───── Source information ─────
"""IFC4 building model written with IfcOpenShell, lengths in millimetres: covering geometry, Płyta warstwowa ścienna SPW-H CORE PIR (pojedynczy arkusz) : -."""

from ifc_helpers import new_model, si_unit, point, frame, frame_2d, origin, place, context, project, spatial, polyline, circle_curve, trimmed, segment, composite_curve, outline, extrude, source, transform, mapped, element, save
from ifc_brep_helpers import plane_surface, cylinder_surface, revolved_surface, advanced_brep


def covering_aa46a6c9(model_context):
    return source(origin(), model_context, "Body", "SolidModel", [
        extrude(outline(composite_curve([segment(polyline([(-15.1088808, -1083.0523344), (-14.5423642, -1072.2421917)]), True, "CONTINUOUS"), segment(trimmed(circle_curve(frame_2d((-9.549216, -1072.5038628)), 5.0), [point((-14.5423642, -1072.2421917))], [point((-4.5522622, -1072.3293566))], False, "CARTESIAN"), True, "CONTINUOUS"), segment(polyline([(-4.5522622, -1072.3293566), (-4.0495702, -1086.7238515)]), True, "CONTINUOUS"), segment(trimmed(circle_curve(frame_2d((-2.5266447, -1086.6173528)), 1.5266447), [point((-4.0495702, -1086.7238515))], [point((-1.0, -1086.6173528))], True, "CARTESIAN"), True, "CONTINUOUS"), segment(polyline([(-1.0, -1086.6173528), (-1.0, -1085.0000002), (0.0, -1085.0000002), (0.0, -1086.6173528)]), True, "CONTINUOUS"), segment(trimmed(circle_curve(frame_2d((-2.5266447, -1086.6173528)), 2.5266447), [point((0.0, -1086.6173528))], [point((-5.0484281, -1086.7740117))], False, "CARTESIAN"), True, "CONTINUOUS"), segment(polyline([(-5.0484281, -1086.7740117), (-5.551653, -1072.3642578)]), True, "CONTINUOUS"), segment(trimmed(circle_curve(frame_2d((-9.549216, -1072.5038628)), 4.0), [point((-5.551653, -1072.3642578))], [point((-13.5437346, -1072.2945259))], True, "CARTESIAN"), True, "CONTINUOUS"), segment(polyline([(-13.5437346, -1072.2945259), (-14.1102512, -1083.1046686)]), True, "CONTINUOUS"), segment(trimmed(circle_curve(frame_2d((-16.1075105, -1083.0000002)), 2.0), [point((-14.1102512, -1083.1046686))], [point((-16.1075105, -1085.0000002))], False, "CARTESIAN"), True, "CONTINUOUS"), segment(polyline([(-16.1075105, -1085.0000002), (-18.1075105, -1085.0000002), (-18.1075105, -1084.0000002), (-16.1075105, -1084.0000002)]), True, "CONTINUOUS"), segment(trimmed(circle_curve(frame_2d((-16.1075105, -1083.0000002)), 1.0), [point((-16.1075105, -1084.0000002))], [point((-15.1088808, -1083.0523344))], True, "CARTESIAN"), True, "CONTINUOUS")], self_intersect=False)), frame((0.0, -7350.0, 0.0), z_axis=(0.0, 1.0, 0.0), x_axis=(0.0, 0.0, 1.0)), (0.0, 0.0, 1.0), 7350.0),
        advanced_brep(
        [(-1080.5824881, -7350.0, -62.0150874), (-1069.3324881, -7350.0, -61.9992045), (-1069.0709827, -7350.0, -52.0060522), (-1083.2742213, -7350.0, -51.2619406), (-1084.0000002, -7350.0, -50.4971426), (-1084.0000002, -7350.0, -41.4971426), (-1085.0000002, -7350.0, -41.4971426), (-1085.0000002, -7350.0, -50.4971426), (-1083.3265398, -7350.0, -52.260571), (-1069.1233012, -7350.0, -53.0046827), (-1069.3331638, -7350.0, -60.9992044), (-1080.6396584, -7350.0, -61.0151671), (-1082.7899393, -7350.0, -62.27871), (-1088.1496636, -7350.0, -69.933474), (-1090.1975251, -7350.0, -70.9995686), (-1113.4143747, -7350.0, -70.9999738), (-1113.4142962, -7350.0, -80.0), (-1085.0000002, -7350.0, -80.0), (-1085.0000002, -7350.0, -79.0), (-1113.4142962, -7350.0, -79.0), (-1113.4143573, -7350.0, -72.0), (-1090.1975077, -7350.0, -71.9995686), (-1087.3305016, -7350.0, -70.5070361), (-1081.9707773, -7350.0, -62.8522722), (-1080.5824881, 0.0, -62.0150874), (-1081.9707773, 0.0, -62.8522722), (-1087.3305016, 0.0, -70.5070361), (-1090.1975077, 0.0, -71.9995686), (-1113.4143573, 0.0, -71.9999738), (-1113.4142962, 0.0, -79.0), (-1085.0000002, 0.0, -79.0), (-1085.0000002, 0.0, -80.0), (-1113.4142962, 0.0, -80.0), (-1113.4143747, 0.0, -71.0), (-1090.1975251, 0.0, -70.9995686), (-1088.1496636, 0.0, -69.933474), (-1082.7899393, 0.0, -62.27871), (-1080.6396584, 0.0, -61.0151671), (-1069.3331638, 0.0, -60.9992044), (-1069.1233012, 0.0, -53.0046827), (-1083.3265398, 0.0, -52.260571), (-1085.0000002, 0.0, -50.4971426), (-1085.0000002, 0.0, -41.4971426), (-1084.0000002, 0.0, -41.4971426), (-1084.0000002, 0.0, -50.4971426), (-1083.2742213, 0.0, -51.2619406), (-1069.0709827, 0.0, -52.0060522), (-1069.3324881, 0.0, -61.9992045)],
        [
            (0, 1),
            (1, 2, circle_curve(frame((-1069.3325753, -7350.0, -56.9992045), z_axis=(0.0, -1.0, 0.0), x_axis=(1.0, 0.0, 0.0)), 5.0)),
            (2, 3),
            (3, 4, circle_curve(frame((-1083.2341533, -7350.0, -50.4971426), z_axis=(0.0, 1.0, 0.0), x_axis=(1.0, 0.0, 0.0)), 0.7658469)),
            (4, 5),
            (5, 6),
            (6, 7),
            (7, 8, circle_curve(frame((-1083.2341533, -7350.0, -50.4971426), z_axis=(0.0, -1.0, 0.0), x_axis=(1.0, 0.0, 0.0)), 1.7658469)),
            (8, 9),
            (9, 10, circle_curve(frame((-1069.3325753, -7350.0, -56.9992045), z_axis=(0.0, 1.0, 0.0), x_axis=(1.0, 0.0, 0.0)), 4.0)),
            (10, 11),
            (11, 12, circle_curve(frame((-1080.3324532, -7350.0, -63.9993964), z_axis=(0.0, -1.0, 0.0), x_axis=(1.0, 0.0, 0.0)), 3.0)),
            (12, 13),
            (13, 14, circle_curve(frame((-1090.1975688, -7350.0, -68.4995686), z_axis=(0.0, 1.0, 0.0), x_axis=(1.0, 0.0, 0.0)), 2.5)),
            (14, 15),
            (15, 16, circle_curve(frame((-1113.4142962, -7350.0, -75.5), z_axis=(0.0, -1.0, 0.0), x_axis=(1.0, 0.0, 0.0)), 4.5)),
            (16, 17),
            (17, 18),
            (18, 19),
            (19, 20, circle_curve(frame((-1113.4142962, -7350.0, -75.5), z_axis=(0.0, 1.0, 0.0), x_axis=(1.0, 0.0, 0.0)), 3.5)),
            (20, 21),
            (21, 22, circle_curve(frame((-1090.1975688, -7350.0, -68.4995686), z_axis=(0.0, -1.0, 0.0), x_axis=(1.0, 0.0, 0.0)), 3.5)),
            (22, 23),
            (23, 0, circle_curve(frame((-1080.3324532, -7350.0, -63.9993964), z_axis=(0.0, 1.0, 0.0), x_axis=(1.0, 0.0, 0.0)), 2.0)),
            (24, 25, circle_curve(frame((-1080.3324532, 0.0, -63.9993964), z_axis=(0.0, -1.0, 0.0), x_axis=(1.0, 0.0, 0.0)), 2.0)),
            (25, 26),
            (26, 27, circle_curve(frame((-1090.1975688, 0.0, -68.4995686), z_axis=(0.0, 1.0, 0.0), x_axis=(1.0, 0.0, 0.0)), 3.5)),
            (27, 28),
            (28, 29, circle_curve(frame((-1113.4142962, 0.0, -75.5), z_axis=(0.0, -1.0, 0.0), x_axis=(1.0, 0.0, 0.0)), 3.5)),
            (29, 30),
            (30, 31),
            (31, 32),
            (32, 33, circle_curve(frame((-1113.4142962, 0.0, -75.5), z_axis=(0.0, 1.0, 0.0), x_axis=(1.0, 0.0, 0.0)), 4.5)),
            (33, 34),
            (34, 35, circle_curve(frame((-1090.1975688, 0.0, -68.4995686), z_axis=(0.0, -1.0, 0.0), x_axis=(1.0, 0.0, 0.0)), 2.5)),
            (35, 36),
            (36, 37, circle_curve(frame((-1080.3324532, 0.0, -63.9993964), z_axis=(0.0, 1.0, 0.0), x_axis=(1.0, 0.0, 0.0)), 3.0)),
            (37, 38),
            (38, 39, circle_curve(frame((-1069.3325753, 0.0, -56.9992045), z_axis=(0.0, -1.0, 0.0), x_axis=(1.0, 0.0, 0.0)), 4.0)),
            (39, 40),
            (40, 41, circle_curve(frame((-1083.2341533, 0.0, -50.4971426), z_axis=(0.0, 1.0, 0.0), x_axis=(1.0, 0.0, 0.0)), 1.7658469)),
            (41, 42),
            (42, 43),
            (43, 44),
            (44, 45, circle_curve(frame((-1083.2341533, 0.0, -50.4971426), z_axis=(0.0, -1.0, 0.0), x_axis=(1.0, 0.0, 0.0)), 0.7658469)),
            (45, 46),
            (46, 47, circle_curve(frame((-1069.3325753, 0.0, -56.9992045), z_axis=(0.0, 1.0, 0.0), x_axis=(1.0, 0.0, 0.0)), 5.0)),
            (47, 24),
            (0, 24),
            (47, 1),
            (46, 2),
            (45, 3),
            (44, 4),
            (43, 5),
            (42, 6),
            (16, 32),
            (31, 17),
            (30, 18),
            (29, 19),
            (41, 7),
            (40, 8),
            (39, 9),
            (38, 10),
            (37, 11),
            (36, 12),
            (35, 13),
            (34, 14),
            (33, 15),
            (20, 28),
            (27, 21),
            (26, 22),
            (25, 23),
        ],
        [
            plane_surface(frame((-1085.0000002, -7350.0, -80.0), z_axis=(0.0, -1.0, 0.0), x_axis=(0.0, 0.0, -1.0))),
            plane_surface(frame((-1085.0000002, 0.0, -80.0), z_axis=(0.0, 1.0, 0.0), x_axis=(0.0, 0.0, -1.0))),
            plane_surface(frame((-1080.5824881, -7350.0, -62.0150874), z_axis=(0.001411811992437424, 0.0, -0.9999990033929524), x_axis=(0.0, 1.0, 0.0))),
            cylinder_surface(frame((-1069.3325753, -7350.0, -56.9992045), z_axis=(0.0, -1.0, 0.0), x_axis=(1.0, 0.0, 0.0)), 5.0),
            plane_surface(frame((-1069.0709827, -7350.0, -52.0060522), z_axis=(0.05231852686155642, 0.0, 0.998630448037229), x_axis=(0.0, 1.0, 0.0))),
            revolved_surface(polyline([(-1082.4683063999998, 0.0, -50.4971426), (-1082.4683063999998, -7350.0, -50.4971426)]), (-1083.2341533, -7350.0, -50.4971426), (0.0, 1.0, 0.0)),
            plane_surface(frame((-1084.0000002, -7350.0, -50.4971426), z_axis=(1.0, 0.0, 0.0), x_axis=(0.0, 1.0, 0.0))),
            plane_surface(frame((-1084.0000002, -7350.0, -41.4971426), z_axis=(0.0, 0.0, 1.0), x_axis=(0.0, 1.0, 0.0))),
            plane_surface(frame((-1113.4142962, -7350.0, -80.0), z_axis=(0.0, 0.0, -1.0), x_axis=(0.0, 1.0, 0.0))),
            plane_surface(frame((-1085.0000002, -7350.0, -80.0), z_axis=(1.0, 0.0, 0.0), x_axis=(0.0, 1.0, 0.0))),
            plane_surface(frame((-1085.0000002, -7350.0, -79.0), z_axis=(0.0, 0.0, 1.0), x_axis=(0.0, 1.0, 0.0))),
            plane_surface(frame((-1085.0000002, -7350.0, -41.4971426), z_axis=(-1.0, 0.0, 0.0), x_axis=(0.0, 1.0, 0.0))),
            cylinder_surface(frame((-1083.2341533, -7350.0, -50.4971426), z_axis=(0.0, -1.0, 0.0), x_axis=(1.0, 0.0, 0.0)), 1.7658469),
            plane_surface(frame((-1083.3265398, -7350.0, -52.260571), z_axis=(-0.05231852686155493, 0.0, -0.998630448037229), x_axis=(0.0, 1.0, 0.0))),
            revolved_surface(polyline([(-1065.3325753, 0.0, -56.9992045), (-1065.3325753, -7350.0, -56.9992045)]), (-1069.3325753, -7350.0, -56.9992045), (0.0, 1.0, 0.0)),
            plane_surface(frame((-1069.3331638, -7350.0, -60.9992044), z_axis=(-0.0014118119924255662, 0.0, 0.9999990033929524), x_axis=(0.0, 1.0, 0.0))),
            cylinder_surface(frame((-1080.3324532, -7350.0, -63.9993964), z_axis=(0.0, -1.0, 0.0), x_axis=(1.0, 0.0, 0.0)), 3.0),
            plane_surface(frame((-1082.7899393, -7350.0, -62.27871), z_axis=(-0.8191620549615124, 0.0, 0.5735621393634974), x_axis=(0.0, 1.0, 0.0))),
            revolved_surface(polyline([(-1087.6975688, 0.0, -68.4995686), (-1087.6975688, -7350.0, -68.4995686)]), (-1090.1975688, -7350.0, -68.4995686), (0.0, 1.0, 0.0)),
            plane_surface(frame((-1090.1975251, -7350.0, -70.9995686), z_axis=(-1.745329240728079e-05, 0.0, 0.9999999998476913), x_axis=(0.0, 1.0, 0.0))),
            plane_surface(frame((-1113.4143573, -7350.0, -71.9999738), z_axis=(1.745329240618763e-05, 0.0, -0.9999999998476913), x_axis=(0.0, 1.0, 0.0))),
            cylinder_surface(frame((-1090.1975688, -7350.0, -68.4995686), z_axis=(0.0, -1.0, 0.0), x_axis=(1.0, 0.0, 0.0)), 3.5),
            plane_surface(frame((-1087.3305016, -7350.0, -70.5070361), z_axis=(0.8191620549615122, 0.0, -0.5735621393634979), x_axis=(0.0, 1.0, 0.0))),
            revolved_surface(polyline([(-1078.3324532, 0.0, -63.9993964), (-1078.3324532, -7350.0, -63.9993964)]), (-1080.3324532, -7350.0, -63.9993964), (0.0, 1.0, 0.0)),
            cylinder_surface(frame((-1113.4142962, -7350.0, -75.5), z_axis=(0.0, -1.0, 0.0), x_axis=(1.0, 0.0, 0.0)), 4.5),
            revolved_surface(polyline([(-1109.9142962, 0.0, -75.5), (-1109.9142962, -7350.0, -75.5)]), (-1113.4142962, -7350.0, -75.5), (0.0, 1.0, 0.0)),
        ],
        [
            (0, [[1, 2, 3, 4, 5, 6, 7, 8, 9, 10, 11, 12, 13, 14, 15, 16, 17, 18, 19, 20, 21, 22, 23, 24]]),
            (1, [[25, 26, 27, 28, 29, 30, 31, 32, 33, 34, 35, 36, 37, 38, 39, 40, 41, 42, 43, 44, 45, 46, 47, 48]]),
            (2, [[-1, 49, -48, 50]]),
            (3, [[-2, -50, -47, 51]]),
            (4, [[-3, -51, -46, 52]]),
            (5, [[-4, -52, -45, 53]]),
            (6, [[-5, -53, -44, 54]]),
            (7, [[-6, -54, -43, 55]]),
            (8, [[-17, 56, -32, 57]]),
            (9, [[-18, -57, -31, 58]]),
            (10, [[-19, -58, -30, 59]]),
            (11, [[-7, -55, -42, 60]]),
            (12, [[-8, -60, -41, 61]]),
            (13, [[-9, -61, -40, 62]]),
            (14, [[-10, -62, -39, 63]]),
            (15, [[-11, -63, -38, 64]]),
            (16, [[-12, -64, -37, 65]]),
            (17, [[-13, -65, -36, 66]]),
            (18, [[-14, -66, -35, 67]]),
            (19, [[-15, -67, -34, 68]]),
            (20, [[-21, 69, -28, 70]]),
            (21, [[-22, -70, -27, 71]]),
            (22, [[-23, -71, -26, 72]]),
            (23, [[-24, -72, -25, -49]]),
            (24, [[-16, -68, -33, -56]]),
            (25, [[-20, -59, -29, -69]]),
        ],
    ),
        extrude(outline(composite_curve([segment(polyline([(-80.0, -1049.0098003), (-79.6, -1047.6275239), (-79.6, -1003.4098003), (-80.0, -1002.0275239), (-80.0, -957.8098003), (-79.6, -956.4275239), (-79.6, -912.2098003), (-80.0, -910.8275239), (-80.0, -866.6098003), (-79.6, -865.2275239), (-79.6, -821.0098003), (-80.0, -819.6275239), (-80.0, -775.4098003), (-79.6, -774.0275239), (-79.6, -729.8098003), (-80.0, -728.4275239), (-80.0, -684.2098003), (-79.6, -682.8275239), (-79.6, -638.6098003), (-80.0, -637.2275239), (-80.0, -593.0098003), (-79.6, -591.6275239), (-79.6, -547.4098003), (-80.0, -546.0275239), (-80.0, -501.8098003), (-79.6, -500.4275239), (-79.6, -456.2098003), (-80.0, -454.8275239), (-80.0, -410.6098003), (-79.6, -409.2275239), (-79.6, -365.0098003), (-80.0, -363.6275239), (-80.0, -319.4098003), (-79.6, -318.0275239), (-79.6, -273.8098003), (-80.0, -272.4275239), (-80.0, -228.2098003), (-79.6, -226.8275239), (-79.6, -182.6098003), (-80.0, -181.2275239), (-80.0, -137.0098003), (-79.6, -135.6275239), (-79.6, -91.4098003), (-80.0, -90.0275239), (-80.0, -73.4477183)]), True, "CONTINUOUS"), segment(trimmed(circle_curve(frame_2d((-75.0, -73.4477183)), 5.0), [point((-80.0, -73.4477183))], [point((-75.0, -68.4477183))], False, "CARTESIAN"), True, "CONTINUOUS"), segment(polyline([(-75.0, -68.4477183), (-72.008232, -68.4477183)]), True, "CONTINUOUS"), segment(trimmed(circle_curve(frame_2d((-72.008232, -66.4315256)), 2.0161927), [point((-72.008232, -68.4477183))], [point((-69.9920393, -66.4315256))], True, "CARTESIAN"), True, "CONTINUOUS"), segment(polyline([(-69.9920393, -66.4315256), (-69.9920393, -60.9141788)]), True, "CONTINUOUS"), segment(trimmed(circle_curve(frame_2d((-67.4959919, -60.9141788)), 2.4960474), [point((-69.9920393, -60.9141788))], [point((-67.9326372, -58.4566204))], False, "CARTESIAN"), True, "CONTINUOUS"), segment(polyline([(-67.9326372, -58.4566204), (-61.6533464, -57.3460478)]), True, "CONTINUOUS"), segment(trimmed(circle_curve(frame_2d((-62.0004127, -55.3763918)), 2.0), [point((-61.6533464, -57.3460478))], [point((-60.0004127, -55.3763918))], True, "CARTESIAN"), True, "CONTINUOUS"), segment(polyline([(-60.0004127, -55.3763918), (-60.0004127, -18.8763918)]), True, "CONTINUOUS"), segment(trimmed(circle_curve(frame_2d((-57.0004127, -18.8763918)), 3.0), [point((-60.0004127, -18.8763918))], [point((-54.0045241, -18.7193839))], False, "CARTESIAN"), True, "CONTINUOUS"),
─────
# How to complete this task
Where a line above holds the word "origin", copy it.

# Response below
from ifc_helpers import new_model, si_unit, point, frame, frame_2d, origin, place, context, project, spatial, polyline, circle_curve, trimmed, segment, composite_curve, outline, extrude, source, transform, mapped, element, save
    return source(origin(), model_context, "Body", "SolidModel", [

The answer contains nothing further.